De 1725 a 1732 enseñó matemáticas en San Petersburgo, y en 1733 regresó a Basilea, donde al principio des­empeñó la cátedra de anatomía y luego la de física. En 1780 dejó la actividad docente. Su gran obra es la Hidrodinámica (v.), que, en realidad, le convierte en fundador de esta parte de la mecánica. Profundamente in­fluido por los Principios (v.) de Newton, trata de establecer toda su teoría sobre la base que denomina «conservación de las fuerzas vivas».

Además de estudiar otros problemas de física (v. Escritos de mecá­nica y de acústica) realizó importantes apor­taciones al cálculo de probabilidades, fun­dado científicamente por su tío Jakob (v.), sobre todo en cuanto a sus aplicaciones a la estadística (matrimonios, nacimientos, et­cétera). Disfrutó de una gran celebridad y obtuvo numerosos galardones científicos.

L. L. Radice

Francesco Berni

Nació. en Lamporecchio en 1498 (?) y m. en Florencia el 26 de mayo de 1535. Estudió en esta última ciudad y estuvo al servicio del cardenal Bernardo Dovizi da Bibbiena, que le llevó a Roma Muerto éste, y después de haber servido a otros señores, vivió durante algún tiempo en Padua, donde llevó a cabo la Refundi­ción del «Orlando enamorado» (v.).

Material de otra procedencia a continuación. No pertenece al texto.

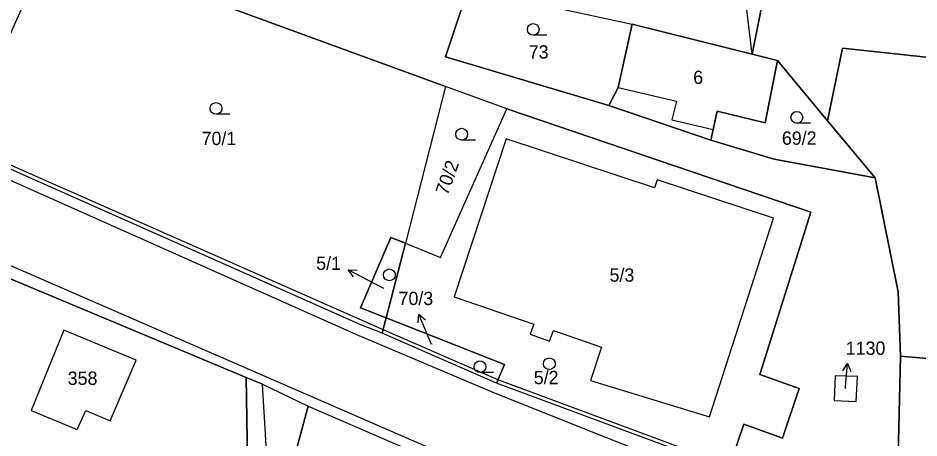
# Model space of a CAD drawing. Extents: x -654083 to -650132, y -1099819 to -1096699.
# Drawn here: x -652350.7 to -652235.7, y -1097974.5 to -1097920.9 of the extents above; entities that cross this region are included whole.
import ezdxf

# ---------------------------------------------------------------- set-up
doc = ezdxf.new("R2010")
doc.units = 0
for name, color, linetype in [('Hranice - vnitř_ kresba', 7, 'Continuous'), ('Obvody jako plochy', 7, 'Continuous'), ('Ostatní hranice', 7, 'Continuous'), ('Parcelní čísla', 7, 'Continuous'), ('Prvky pro prodl_ par_ č_', 7, 'Continuous'), ('Značky kultur', 7, 'Continuous')]:
    doc.layers.add(name, color=color, linetype=linetype)

msp = doc.modelspace()

# ---------------------------------------------------------------- linework, layer by layer
at = {"layer": 'Hranice - vnitř_ kresba'}
for p, q in [((-652274.04, -1097929.73), (-652266.62, -1097931.5)), ((-652266.62, -1097931.5), (-652267.18, -1097933.88)), ((-652267.18, -1097933.88), (-652261.92, -1097935.13)), ((-652358.47, -1097938.54), (-652307.46, -1097961.3)), ((-652361.94, -1097947.99), (-652288.25, -1097980.07)), ((-652307.46, -1097961.3), (-652289.75, -1097968.8)), ((-652289.75, -1097968.8), (-652260.61, -1097980.42))]:
    msp.add_line(p, q, dxfattribs=at)
at = {"layer": 'Obvody jako plochy'}
for points in [[(-652259.95, -1097978.53), (-652289.58, -1097967.54), (-652304.17, -1097961.16), (-652306.89, -1097960.07), (-652358.06, -1097937.32), (-652361.99, -1097934.98), (-652373.04, -1097930.17), (-652374.25, -1097929.65), (-652375.24, -1097929.22), (-652386.86, -1097924.16), (-652403.6, -1097916.6), (-652409.91, -1097913.27), (-652436.78, -1097901.48), (-652463.96, -1097889.56), (-652483.6, -1097880.94), (-652534, -1097858.11), (-652537.59, -1097856.5), (-652554.49, -1097848.9), (-652581.83, -1097835.42), (-652676.84, -1097793.83), (-652695.77, -1097785.5), (-652811.07, -1097733.73)], [(-652293.2, -1097917.08), (-652296.1, -1097925.82), (-652275.24, -1097932.05), (-652262.2, -1097936.47), (-652254.14, -1097938.89), (-652241.24, -1097941.29), (-652238.29, -1097955.86), (-652238.02, -1097964.08), (-652238.44, -1097982.36), (-652234.52, -1097986.28), (-652259.95, -1097978.53), (-652258, -1097972.76), (-652253.08, -1097974.55), (-652250.95, -1097968.2), (-652255.98, -1097966.41), (-652249.44, -1097945.69), (-652288.28, -1097932.49), (-652296.09, -1097929.62), (-652346.41, -1097911.18)], [(-652352.33, -1097953.9), (-652321.55, -1097966.79), (-652319.45, -1097967.67), (-652313.63, -1097970.49), (-652296.29, -1097977.99), (-652290.75, -1097980.73), (-652288.8, -1097981.69), (-652259.27, -1097990.89), (-652256.18, -1097991.8), (-652254.6, -1097992.33), (-652249.29, -1097994.09), (-652245.37, -1097995.39), (-652238.28, -1097998.5), (-652228.88, -1098001.59), (-652216.37, -1098004.62), (-652210.39, -1098007.21), (-652202.83, -1098010.48), (-652188.53, -1098014.39), (-652179.79, -1098016.9), (-652162.7, -1098022.58)]]:
    msp.add_lwpolyline(points, dxfattribs=at)
for points in [[(-652168.06, -1097813.81), (-652190.97, -1097887.21), (-652209.11, -1097928.62), (-652245.4, -1097924.7), (-652247.31, -1097933.99), (-652253.71, -1097926.28), (-652256.94, -1097925.47), (-652250.42, -1097892.82), (-652243.6, -1097858.64), (-652238.49, -1097829), (-652245.39, -1097822.57), (-652237.89, -1097811.35), (-652229.64, -1097803.39), (-652221.54, -1097793.79), (-652210.98, -1097793.09), (-652198.1, -1097797.24)], [(-652272.28, -1097921.65), (-652256.94, -1097925.47), (-652261.76, -1097885.23), (-652284.24, -1097892.9), (-652265.64, -1097903.03), (-652269.6, -1097909.81), (-652272.24, -1097914.33), (-652283.93, -1097905.25), (-652290.08, -1097908.86), (-652293.2, -1097917.08)], [(-652250.42, -1097892.82), (-652256.94, -1097925.47), (-652261.76, -1097885.23)], [(-652306.95, -1097957.89), (-652303.66, -1097959.19), (-652304.17, -1097961.16), (-652306.89, -1097960.07), (-652358.06, -1097937.32), (-652346.41, -1097911.18), (-652296.09, -1097929.62), (-652301.21, -1097949.62), (-652303.07, -1097948.9)], [(-652274.04, -1097929.73), (-652275.24, -1097932.05), (-652296.1, -1097925.82), (-652293.2, -1097917.08), (-652272.28, -1097921.65)], [(-652261.92, -1097935.13), (-652262.2, -1097936.47), (-652275.24, -1097932.05), (-652274.04, -1097929.73), (-652272.28, -1097921.65), (-652256.94, -1097925.47), (-652253.71, -1097926.28), (-652255.27, -1097934.26), (-652261.42, -1097932.76)], [(-652261.42, -1097932.76), (-652255.27, -1097934.26), (-652253.71, -1097926.28), (-652256.94, -1097925.47), (-652272.28, -1097921.65), (-652274.04, -1097929.73), (-652266.62, -1097931.5), (-652267.18, -1097933.88), (-652261.92, -1097935.13)], [(-652247.31, -1097933.99), (-652245.4, -1097924.7), (-652209.11, -1097928.62), (-652211.08, -1097933.1), (-652207.96, -1097950.71), (-652221.17, -1097947.16), (-652226.1, -1097963.61), (-652230.05, -1097962.51), (-652230.59, -1097964.7), (-652238.02, -1097964.08), (-652238.29, -1097955.86), (-652241.24, -1097941.29)], [(-652253.71, -1097926.28), (-652247.31, -1097933.99), (-652241.24, -1097941.29), (-652254.14, -1097938.89), (-652262.2, -1097936.47), (-652261.92, -1097935.13), (-652261.42, -1097932.76), (-652255.27, -1097934.26)], [(-652296.71, -1097951.48), (-652288.28, -1097932.49), (-652296.09, -1097929.62), (-652301.21, -1097949.62)], [(-652258, -1097972.76), (-652259.95, -1097978.53), (-652289.58, -1097967.54), (-652288.57, -1097965.14), (-652303.66, -1097959.19), (-652301.21, -1097949.62), (-652296.71, -1097951.48), (-652288.28, -1097932.49), (-652249.44, -1097945.69), (-652255.98, -1097966.41), (-652250.95, -1097968.2), (-652253.08, -1097974.55)], [(-652285.27, -1097961.27), (-652282.8, -1097962.15), (-652282.31, -1097960.82), (-652276.18, -1097962.91), (-652277.59, -1097967.18), (-652262.39, -1097971.83), (-652254.24, -1097946.43), (-652269.08, -1097941.54), (-652269.4, -1097942.58), (-652288.34, -1097936.31), (-652294.97, -1097956.48), (-652284.81, -1097959.97)], [(-652269.4, -1097942.58), (-652288.34, -1097936.31), (-652294.97, -1097956.48), (-652284.81, -1097959.97), (-652285.27, -1097961.27), (-652282.8, -1097962.15), (-652282.31, -1097960.82), (-652276.18, -1097962.91), (-652277.59, -1097967.18), (-652262.39, -1097971.83), (-652254.24, -1097946.43), (-652269.08, -1097941.54)], [(-652288.34, -1097936.31), (-652294.97, -1097956.48), (-652284.81, -1097959.97), (-652285.27, -1097961.27), (-652282.8, -1097962.15), (-652282.31, -1097960.82), (-652276.18, -1097962.91), (-652277.59, -1097967.18), (-652262.39, -1097971.83), (-652254.24, -1097946.43), (-652269.08, -1097941.54), (-652269.4, -1097942.58)], [(-652301.21, -1097949.62), (-652303.66, -1097959.19), (-652306.95, -1097957.89), (-652303.07, -1097948.9)], [(-652342.75, -1097987.96), (-652341.4, -1097983.51), (-652339.55, -1097977.37), (-652330.83, -1097979.83), (-652330.17, -1097977.59), (-652324.69, -1097979.27), (-652325.26, -1097981.36), (-652321.28, -1097982.55), (-652321.55, -1097966.79), (-652352.33, -1097953.9), (-652357.13, -1097966.99), (-652348.97, -1097985.81)], [(-652288.57, -1097965.14), (-652289.58, -1097967.54), (-652304.17, -1097961.16), (-652303.66, -1097959.19)], [(-652348.96, -1097971.03), (-652343.1, -1097973.47), (-652341.99, -1097971.03), (-652338.87, -1097972.34), (-652335.57, -1097964.61), (-652344.81, -1097960.76)], [(-652344.81, -1097960.76), (-652348.96, -1097971.03), (-652343.1, -1097973.47), (-652341.99, -1097971.03), (-652338.87, -1097972.34), (-652335.57, -1097964.61)], [(-652335.57, -1097964.61), (-652344.81, -1097960.76), (-652348.96, -1097971.03), (-652343.1, -1097973.47), (-652341.99, -1097971.03), (-652338.87, -1097972.34)], [(-652238.02, -1097964.08), (-652230.59, -1097964.7), (-652234.19, -1097976.37), (-652221.93, -1097979.58), (-652222.11, -1097989.35), (-652234.52, -1097986.28), (-652238.44, -1097982.36)], [(-652318.49, -1097983.28), (-652319.45, -1097967.67), (-652321.55, -1097966.79), (-652321.28, -1097982.55)], [(-652243.66, -1097969.88), (-652243.52, -1097966.7), (-652246.36, -1097966.59), (-652246.48, -1097969.74)], [(-652243.52, -1097966.7), (-652246.36, -1097966.59), (-652246.48, -1097969.74), (-652243.66, -1097969.88)], [(-652313.63, -1097970.49), (-652316.25, -1097980.24), (-652314.85, -1097980.77), (-652320.34, -1097996.7), (-652313.51, -1097999.5), (-652319.32, -1098003.34), (-652320.87, -1098000.27), (-652325.04, -1097996.04), (-652323.7, -1097989.88), (-652321.28, -1097982.55), (-652318.49, -1097983.28), (-652319.45, -1097967.67)], [(-652313.63, -1097970.49), (-652296.29, -1097977.99), (-652307.72, -1097992.1), (-652310.44, -1097991.02), (-652305.96, -1097978.67), (-652313.17, -1097975.9), (-652314.85, -1097980.77), (-652316.25, -1097980.24)]]:
    msp.add_lwpolyline(points, close=True, dxfattribs=at)
for centre, radius in [((-652303.26, -1097953.69), 0.75), ((-652303.26, -1097953.69), 0.001), ((-652282.84, -1097965.05), 0.75), ((-652282.84, -1097965.05), 0.001)]:
    msp.add_circle(centre, radius, dxfattribs=at)
at = {"layer": 'Ostatní hranice'}
for p, q in [((-652357.82, -1097936.88), (-652303.89, -1097960.75)), ((-652303.89, -1097960.75), (-652289.34, -1097967.1)), ((-652289.34, -1097967.1), (-652259.75, -1097978.07))]:
    msp.add_line(p, q, dxfattribs=at)
at = {"layer": 'Prvky pro prodl_ par_ č_'}
for p, q in [((-652305.85, -1097954.45), (-652308.5, -1097953.05)), ((-652303.96, -1097955.45), (-652305.85, -1097954.45)), ((-652298.34, -1097961.48), (-652299.49, -1097958.71)), ((-652297.88, -1097962.6), (-652298.34, -1097961.48)), ((-652245.03, -1097967.99), (-652244.76, -1097965)), ((-652245.05, -1097968.2), (-652245.03, -1097967.99))]:
    msp.add_line(p, q, dxfattribs=at)
for points in [[(-652307.85, -1097953.96), (-652308.5, -1097953.05), (-652307.38, -1097953.07)], [(-652299.57, -1097959.82), (-652299.49, -1097958.71), (-652298.64, -1097959.44)], [(-652245.35, -1097965.95), (-652244.76, -1097965), (-652244.35, -1097966.04)]]:
    msp.add_lwpolyline(points, dxfattribs=at)
at = {"layer": 'Značky kultur'}
for p, q in [((-652283.14, -1097923.07), (-652284.89, -1097923.07)), ((-652323.63, -1097933.17), (-652325.38, -1097933.17)), ((-652249.49, -1097934.3), (-652251.24, -1097934.3)), ((-652292.28, -1097936.46), (-652294.03, -1097936.46)), ((-652289.94, -1097966.17), (-652291.69, -1097966.17))]:
    msp.add_line(p, q, dxfattribs=at)
for centre in [(-652284.89, -1097922.32), (-652325.38, -1097932.42), (-652251.24, -1097933.55), (-652294.03, -1097935.71), (-652291.69, -1097965.42)]:
    msp.add_circle(centre, 0.75, dxfattribs=at)

# ---------------------------------------------------------------- texts
at = {"layer": 'Parcelní čísla'}
for s, height, p in [('73', 1.7, (-652285.46, -1097926.05)), ('6', 1.7, (-652264.47, -1097929.29)), ('70/1', 1.7, (-652327.22, -1097937.1)), ('69/2', 1.7, (-652253.15, -1097937.06)), ('5/3', 1.7, (-652275.15, -1097954.56)), ('5/1', 0.1, (-652304.05, -1097955.45)), ('70/3', 0.1, (-652298.03, -1097962.6)), ('5/2', 1.7, (-652284.82, -1097967.66)), ('358', 1.7, (-652344.31, -1097967.75)), ('1130', 0.1, (-652245.16, -1097968.2))]:
    msp.add_text(s, height=height, dxfattribs=at).set_placement(p)
msp.add_text('70/2', height=1.7, rotation=70.38, dxfattribs=at).set_placement((-652295.82, -1097943.61))
at = {"layer": 'Prvky pro prodl_ par_ č_'}
for s, p in [('5/1', (-652312.59, -1097953.05)), ('70/3', (-652302.08, -1097957.55)), ('1130', (-652245, -1097963.91))]:
    msp.add_text(s, height=1.7, dxfattribs=at).set_placement(p)

doc.saveas('drawing.dxf')

En 1832 pasó al servicio de Hipólito de Médicis, con lo cual empezó el período más feliz de la existencia de Berni, a cuya actividad poética se abrió la corte del mecenas más ilustre de Italia. Sin embargo, parece haber encon­trado también allí su ruina, por cuanto, según la leyenda, fue víctima del odio de los Médicis y murió envenenado a conse­cuencia de su intervención en las diver­gencias de la familia.

En Capítulos (v.) y Sonetos (v.) cultiva las tendencias del si­glo XV y da forma poética a cualquier tema que le proponga su bizarra fantasía (la casa miserable, el orinal, la peste, la muía, etc.). Al variar con hábil desenvoltura y un raro sentido del lenguaje sus motivos cómicos, Berni cede a una sabrosa inventiva inspirada en Burchiello y aparece, con sus vivos problemas estilísticos (Diálogo contra los poe­tas, 1527, v.), dentro de la tradición jocosa.

En los sonetos azota frecuentemente con amarga sátira a personajes ilustres contem­poráneos y parodia a los petrarquistas del siglo. Sin embargo, esto mismo demuestra cuán vinculado se hallaba a su época, según lo manifiesta igualmente la refundición de la obra de Boj ardo Orlando enamorado. Con la farsa rústica La Catrina (v.) Berni tra­tó nuevamente un argumento grato a la tradición.

Así, pues, las rimas (entre las cuales cabe citar también las poesías lati­nas) y el pretexto de la refundición ofre­cen una clara imagen del autor, lingüista pedante y, al mismo tiempo, inagotable y genial creador de situaciones cómicas.